Exercise instructions:
Produce an exact copy of the first line of the data below and each line after it, please, up to and including the one with "FILE_DESCRIPTION (( 'STEP AP214' ), '1' );".

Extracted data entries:
=== Begin Enclosure ===

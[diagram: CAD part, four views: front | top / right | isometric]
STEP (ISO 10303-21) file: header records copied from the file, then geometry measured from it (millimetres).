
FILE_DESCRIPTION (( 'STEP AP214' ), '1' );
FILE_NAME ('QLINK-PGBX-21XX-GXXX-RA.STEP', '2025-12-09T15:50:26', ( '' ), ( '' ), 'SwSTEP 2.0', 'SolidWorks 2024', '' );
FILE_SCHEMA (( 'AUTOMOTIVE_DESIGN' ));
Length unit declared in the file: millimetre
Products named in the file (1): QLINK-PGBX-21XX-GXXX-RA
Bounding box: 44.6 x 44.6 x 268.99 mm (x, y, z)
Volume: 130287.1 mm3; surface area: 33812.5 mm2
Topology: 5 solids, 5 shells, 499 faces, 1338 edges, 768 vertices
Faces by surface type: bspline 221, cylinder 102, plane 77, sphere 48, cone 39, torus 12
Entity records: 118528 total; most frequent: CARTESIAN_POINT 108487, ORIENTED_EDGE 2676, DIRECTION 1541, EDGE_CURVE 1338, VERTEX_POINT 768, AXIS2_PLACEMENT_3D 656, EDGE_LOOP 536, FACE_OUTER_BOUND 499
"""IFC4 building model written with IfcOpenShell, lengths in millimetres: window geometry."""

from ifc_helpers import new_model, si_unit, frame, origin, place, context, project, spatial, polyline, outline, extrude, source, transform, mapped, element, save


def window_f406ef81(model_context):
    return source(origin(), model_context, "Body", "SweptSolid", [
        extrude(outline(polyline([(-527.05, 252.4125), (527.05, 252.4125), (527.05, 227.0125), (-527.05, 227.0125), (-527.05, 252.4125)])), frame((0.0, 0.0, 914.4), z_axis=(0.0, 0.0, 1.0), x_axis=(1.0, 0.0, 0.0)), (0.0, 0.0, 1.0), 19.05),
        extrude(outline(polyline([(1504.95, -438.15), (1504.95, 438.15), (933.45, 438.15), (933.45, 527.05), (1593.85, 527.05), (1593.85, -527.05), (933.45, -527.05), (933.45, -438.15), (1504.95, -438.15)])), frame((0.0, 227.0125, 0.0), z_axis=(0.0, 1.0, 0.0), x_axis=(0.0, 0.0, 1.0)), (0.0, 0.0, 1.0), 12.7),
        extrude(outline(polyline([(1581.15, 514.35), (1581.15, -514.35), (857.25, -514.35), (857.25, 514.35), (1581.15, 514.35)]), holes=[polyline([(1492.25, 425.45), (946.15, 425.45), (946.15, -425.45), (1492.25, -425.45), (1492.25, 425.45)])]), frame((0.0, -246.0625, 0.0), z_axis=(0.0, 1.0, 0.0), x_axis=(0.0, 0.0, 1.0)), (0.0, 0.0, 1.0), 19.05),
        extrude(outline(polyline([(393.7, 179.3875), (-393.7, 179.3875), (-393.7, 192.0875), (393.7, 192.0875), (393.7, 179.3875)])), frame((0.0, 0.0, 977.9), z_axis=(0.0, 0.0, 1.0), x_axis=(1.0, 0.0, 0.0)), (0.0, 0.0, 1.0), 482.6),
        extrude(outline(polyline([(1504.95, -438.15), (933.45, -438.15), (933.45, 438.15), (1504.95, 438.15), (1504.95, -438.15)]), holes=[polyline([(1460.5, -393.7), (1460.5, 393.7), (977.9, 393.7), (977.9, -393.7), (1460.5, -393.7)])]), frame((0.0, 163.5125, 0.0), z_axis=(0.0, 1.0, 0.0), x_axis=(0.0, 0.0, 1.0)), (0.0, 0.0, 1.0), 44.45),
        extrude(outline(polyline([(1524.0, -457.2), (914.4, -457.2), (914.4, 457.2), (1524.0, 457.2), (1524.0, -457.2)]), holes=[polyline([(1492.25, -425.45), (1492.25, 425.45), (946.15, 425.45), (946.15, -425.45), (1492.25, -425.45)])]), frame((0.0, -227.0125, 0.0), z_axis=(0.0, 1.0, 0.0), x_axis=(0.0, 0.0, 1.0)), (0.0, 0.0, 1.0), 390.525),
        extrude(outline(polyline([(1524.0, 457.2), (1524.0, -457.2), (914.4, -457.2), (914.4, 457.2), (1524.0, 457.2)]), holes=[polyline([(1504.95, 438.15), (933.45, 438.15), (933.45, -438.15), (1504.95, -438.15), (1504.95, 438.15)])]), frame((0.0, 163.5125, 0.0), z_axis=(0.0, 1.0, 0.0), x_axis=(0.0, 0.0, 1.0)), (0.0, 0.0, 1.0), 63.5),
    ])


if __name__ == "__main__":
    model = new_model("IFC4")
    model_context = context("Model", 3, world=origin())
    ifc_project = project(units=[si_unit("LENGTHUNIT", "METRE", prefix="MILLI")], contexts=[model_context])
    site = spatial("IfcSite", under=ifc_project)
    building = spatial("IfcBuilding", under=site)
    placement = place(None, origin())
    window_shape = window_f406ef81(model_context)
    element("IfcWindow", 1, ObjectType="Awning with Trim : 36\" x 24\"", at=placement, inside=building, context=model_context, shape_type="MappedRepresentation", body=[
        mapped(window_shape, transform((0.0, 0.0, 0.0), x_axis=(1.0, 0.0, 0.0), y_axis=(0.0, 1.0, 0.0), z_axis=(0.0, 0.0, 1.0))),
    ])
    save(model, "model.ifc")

=== End Enclosure ===

Response area:
[diagram: CAD part, four views: front | top / right | isometric]
STEP (ISO 10303-21) file: header records copied from the file, then geometry measured from it (millimetres).
FILE_DESCRIPTION (( 'STEP AP214' ), '1' );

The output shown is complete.